Task objective
All lines with the word "layer" in the material below are required.

━━ Data for the task

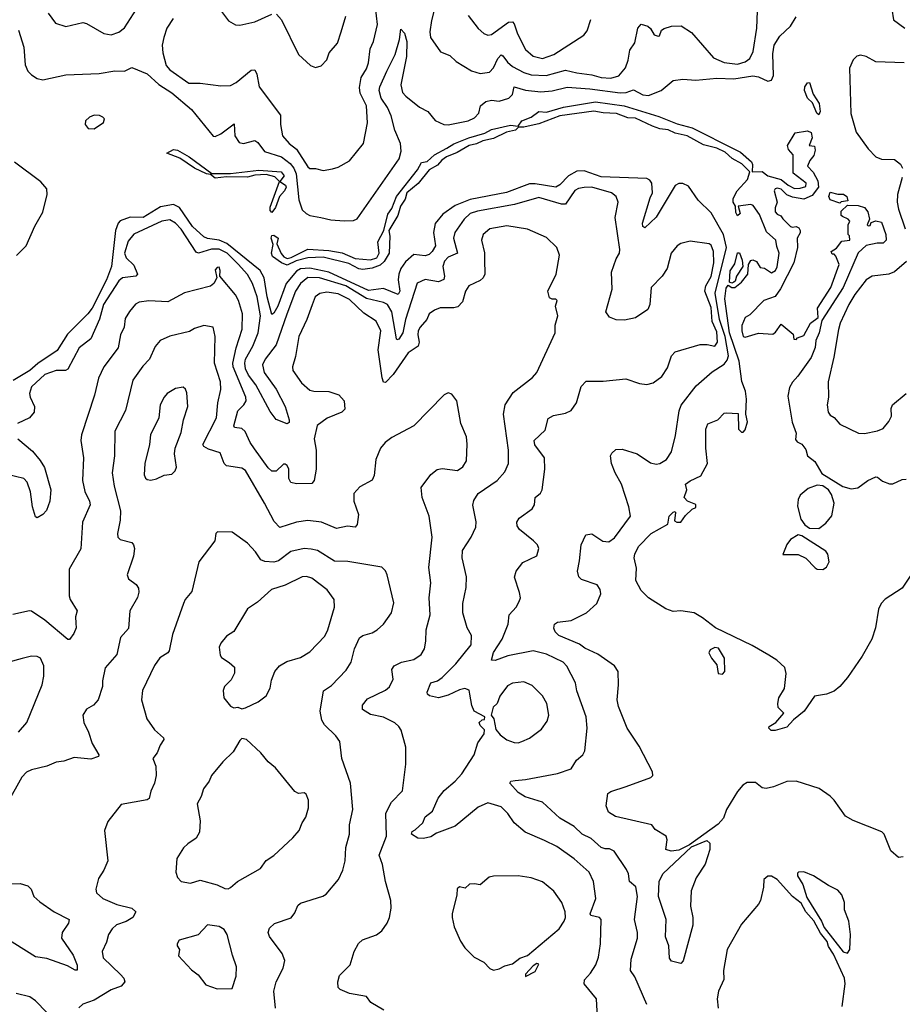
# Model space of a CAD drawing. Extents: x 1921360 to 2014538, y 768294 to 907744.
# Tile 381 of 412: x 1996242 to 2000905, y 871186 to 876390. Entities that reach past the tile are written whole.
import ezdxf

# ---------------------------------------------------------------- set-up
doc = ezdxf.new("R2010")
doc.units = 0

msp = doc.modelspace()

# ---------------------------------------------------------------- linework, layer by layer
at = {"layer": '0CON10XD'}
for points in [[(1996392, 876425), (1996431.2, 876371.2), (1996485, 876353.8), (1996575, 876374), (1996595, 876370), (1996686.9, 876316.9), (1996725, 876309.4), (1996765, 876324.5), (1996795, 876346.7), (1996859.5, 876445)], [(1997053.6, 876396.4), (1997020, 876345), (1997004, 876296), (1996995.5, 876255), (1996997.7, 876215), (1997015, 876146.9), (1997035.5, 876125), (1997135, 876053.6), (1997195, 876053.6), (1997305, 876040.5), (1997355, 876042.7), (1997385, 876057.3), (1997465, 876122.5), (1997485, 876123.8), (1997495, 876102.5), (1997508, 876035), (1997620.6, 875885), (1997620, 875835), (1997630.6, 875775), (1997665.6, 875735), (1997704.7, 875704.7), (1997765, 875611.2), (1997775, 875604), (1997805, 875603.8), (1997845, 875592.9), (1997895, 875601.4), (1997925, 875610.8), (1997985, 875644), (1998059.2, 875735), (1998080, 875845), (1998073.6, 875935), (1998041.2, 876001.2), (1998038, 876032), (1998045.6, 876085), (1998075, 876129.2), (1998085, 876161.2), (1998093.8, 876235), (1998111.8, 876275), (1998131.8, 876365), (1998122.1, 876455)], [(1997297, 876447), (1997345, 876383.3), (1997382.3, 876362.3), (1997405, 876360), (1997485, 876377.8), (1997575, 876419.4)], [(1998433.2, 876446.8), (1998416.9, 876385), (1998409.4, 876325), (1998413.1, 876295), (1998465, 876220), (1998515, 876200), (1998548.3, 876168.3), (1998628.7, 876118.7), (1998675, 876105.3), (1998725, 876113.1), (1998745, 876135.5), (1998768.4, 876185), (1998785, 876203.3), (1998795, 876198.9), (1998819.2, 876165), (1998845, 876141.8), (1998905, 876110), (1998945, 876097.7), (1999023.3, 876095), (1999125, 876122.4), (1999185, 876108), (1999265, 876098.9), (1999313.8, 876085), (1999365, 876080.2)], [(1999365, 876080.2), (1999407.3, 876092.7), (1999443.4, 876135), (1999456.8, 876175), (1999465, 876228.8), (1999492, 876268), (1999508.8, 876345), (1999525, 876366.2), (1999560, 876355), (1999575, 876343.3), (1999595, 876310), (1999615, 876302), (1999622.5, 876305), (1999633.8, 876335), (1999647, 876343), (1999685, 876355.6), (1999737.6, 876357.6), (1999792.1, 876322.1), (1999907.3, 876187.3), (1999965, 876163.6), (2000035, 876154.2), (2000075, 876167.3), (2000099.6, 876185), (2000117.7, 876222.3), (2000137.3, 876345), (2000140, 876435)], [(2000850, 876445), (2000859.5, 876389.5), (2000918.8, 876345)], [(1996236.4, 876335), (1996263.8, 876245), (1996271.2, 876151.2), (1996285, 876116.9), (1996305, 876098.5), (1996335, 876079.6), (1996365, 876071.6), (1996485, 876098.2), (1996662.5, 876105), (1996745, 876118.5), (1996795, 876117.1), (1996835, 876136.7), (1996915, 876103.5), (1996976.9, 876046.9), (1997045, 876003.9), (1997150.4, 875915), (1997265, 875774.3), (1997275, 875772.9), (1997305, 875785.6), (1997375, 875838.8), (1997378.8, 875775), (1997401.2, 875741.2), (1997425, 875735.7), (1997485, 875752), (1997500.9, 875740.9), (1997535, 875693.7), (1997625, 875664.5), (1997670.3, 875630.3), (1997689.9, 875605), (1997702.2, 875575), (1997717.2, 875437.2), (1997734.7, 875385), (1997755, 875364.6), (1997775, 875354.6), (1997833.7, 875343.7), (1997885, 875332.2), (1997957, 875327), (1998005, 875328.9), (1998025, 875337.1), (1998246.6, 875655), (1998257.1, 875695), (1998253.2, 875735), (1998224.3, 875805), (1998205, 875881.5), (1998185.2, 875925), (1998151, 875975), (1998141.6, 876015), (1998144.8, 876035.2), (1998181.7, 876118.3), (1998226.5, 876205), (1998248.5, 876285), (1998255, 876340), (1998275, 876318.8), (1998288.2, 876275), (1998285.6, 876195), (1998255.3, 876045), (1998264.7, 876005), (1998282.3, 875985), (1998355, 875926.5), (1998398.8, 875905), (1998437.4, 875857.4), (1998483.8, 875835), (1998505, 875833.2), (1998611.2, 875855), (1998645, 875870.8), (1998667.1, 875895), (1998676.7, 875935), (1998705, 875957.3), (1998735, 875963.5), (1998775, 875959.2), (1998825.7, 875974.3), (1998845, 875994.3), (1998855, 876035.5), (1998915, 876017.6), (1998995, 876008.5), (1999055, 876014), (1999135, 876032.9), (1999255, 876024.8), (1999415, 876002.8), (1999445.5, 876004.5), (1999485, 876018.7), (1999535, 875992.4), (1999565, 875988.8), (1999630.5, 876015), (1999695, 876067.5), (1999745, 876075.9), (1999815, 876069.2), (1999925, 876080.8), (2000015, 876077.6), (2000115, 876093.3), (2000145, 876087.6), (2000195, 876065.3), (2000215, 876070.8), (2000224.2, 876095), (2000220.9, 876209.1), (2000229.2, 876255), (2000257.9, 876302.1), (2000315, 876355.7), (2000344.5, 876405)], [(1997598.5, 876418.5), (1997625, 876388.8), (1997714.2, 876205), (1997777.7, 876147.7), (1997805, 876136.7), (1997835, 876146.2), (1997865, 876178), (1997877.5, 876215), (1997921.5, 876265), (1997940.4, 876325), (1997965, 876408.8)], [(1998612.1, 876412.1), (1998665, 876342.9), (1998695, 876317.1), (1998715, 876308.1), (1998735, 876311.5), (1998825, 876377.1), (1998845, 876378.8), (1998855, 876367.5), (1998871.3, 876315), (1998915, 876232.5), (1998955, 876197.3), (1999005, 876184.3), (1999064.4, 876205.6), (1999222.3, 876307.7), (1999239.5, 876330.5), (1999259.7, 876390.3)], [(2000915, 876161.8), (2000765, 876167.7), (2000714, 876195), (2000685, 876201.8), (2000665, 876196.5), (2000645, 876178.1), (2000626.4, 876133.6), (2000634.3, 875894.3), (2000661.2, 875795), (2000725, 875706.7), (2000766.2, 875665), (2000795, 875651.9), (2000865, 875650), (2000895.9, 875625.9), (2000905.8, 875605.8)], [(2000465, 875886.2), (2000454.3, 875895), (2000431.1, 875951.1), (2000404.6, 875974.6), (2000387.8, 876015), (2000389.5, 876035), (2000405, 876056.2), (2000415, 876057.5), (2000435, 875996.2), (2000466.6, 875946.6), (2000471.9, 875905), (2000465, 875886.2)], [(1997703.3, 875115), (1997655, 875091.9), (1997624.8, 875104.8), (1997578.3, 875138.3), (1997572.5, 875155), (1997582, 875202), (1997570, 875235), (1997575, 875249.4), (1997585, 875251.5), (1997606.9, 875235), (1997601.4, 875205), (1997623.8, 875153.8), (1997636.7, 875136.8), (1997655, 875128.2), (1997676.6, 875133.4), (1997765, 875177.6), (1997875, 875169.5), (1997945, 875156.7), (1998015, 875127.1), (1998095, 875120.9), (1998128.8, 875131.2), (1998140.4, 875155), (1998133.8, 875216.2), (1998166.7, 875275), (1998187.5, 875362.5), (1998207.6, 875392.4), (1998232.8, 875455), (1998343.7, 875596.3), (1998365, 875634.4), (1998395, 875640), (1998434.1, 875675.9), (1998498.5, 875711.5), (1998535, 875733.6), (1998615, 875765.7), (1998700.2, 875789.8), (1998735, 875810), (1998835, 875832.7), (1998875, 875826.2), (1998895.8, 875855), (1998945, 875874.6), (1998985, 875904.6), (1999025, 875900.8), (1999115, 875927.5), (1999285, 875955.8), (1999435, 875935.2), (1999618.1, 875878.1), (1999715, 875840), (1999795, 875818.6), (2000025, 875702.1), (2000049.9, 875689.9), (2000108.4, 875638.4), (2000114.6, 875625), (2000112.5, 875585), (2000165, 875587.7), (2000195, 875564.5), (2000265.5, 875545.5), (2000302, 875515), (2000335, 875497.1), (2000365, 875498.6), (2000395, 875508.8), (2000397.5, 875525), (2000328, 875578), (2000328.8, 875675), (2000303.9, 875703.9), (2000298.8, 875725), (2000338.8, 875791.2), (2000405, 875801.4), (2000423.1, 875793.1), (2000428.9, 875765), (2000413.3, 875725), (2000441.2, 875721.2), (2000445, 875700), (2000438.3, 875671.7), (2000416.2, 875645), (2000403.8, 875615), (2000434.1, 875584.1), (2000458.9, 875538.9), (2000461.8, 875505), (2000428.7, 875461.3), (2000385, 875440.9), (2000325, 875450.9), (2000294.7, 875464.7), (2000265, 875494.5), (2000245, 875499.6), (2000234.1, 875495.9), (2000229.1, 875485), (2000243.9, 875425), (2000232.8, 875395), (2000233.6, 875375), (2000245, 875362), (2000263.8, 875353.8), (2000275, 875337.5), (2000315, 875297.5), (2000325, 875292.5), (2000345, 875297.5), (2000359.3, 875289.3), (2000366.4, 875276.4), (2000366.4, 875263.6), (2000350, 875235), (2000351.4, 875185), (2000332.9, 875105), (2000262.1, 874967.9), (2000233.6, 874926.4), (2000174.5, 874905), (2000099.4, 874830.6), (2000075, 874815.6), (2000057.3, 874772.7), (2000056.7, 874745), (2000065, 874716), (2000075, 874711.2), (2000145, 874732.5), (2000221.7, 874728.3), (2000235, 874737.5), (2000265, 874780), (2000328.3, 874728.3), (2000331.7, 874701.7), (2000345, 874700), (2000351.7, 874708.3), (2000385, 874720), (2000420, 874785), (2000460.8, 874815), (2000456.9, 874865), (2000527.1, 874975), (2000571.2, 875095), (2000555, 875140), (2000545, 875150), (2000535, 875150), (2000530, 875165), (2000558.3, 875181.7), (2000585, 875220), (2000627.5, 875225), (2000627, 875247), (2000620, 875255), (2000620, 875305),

━━━━

Response box
# ---------------------------------------------------------------- linework, layer by layer
at = {"layer": '0CON10XD'}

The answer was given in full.